We can then show the TLM a tool call response object so that it can see the result of the file search tool call.

```py
results_list = [
    {
        "attributes": result["attributes"],
        "file_id": result["file_id"],
        "filename": result["filename"],
        "score": result["score"],
        "text": result["text"],
    }
    for result in message["results"]
]

tool_call_response = {
    "name": "file_search",
    "call_id": message["id"],
    "output": results_list,
}

content_parts.append("")
content_parts.append(_TOOL_PREFIX)
content_parts.append(
    f"{_TOOL_RESPONSE_TAG_START}\n{json.dumps(tool_call_response, indent=2)}\n{_TOOL_RESPONSE_TAG_END}"
)
```

The next message that gets processed is the assistant message, so it will function as normal, now with the additional context.

## Web Search

Web search works in a very similar way to file search, only with a different means of fetching data.
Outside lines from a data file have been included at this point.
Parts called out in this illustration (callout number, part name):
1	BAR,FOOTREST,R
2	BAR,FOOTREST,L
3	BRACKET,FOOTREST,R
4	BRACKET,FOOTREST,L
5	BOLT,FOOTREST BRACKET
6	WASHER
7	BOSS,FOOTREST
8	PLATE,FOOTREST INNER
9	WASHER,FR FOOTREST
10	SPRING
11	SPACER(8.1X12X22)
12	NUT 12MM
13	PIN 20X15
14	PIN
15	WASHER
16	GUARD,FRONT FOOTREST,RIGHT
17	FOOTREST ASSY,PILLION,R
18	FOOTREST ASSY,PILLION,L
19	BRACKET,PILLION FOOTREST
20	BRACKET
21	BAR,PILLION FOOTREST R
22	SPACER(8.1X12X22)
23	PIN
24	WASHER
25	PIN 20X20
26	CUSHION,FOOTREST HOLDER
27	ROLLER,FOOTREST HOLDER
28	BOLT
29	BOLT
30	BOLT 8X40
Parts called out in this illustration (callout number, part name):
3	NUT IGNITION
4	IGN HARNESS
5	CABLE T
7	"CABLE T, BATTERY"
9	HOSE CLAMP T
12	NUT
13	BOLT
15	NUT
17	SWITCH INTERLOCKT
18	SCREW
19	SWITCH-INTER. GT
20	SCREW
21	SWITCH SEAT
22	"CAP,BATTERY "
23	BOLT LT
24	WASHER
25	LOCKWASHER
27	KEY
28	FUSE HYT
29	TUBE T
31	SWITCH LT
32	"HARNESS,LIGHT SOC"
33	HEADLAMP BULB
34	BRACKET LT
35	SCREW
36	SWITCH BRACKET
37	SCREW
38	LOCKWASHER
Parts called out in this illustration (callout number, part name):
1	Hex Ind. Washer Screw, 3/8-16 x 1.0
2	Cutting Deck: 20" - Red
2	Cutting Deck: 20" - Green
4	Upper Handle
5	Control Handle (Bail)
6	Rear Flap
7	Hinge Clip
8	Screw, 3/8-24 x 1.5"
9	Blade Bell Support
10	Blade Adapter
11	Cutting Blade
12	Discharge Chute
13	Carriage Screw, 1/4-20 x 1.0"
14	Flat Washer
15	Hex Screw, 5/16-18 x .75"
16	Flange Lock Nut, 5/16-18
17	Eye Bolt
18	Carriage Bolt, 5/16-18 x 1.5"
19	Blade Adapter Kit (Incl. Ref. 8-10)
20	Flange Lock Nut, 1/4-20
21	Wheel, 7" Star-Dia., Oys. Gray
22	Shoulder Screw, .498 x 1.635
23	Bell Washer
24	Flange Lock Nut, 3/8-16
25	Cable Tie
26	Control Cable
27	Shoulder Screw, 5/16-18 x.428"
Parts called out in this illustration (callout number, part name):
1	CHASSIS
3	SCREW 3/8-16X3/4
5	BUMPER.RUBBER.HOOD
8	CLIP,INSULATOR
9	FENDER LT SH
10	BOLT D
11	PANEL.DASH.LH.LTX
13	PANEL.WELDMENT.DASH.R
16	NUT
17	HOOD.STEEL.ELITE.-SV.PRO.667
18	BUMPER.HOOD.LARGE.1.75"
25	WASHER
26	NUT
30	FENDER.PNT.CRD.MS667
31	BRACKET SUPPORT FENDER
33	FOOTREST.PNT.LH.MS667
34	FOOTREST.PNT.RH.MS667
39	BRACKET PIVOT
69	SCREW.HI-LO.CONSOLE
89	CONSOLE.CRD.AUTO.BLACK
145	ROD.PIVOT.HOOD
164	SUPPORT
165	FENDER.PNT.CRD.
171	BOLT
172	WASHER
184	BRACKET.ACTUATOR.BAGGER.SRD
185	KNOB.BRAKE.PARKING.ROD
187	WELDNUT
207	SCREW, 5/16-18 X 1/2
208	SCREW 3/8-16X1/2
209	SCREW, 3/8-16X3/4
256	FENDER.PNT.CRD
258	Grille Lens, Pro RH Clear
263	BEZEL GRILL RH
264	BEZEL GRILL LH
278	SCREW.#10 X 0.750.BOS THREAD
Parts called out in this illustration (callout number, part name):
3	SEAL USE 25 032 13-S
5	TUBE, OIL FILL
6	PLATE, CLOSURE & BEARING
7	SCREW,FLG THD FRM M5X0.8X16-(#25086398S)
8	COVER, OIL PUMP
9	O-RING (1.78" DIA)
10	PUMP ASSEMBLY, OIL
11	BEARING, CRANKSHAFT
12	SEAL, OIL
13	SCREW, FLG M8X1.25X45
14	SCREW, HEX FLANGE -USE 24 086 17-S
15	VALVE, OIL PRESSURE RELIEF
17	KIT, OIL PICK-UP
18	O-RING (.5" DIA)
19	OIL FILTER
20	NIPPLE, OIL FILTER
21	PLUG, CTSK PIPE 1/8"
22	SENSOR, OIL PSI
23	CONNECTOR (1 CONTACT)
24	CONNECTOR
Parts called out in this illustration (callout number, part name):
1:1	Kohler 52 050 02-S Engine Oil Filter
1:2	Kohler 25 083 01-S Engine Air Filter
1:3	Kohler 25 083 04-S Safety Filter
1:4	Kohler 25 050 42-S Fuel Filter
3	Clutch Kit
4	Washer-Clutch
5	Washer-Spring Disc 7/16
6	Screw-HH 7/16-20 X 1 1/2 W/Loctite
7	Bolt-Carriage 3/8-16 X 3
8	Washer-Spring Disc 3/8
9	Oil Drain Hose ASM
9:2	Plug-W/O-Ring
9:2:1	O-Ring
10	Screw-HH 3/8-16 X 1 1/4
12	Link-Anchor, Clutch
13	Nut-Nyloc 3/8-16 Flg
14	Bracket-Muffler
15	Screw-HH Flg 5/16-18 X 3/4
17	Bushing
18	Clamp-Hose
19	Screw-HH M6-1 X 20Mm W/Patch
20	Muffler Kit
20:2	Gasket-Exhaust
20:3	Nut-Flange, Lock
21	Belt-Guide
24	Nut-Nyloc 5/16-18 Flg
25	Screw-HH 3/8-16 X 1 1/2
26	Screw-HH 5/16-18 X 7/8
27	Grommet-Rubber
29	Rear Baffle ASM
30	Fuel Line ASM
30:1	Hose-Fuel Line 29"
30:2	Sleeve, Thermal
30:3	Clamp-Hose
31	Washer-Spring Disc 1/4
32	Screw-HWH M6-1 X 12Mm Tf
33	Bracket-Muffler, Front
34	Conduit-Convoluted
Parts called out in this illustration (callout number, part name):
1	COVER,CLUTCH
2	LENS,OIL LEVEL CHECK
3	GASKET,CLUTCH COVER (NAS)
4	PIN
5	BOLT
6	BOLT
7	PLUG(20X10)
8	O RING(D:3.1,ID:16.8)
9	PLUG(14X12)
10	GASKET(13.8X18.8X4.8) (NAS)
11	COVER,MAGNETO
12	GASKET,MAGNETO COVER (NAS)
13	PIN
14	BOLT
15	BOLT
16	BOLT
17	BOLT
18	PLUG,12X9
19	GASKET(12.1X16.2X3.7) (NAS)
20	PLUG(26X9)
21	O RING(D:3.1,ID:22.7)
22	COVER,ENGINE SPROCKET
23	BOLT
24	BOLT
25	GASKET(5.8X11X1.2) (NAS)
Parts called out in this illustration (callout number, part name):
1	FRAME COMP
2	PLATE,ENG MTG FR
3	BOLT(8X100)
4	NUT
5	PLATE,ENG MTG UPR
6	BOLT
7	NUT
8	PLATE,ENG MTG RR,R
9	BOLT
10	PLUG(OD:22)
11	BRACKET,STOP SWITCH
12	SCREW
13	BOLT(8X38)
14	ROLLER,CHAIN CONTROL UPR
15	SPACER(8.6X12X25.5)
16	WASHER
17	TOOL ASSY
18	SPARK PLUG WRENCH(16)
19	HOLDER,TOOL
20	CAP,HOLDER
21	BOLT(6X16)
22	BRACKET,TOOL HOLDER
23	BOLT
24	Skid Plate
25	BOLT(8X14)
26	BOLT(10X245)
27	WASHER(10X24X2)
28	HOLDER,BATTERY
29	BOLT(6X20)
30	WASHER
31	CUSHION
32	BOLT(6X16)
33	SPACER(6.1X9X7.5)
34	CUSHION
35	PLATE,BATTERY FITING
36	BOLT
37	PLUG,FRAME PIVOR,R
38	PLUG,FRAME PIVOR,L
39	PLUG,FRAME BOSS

Because of this similarity, I will only show the real differences between the two.

To fetch data, we first need a list of the URLs to search. This can be done by extracting URLs from the assistant message's annotations.

```py
output_message = [
    m["content"][0] for m in messages[i + 1 :] if m["type"] == "message"
][0]

if output_message["type"] == "refusal":
    continue

annotations = list(
    set(
        [
            (annotation["url"], annotation["title"])
            for annotation in output_message["annotations"]
            if annotation["type"] == "url_citation"
        ]
    )
)
```

We can then use `trafilatura` to extract the main content from the fetched web pages. We also cache these entries because website data may not be stored by the user in message history and can be expensive to re-fetch. The requests for fetching different URLs are done in parallel.

```py
with ThreadPoolExecutor() as executor:
    def extract_text(pair):
        url = pair[0]
        if url in _url_cache:
            return _url_cache[url]
        response = extract(fetch_url(url), output_format="markdown")
        _url_cache[url] = response
        return response

    requests = list(
        executor.map(
            extract_text,
            annotations,
        )
    )
```

We can then put this into a tool call response like before:

```py
websites = [
    {
        "url": url,
        "title": title,
        "content": data,
    }
    for (url, title), data in zip(annotations, requests)
]

content_parts.append(_TOOL_PREFIX)
content_parts.append(
    f"{_TOOL_RESPONSE_TAG_START}\n{json.dumps(tool_response, indent=2)}\n{_TOOL_RESPONSE_TAG_END}"
)
```

## Testing

Both of these methods have been tested and have proper responses. Additionally, the code for handling message has been refactored to use the same handling function for prompt and response. This is to make future modifications easier to implement. However, this has had the side-effect of making messages go on another line from the role.

Eg.
```
User:
Message
```
Instead of the previous
```
User: Message
```

I don't think this is a major issue, makes message formatting more consistent, and reduces complexity without any real impact on accuracy, so I think this change should be kept. However, some tests in `utils/chat.py` may need to be modified.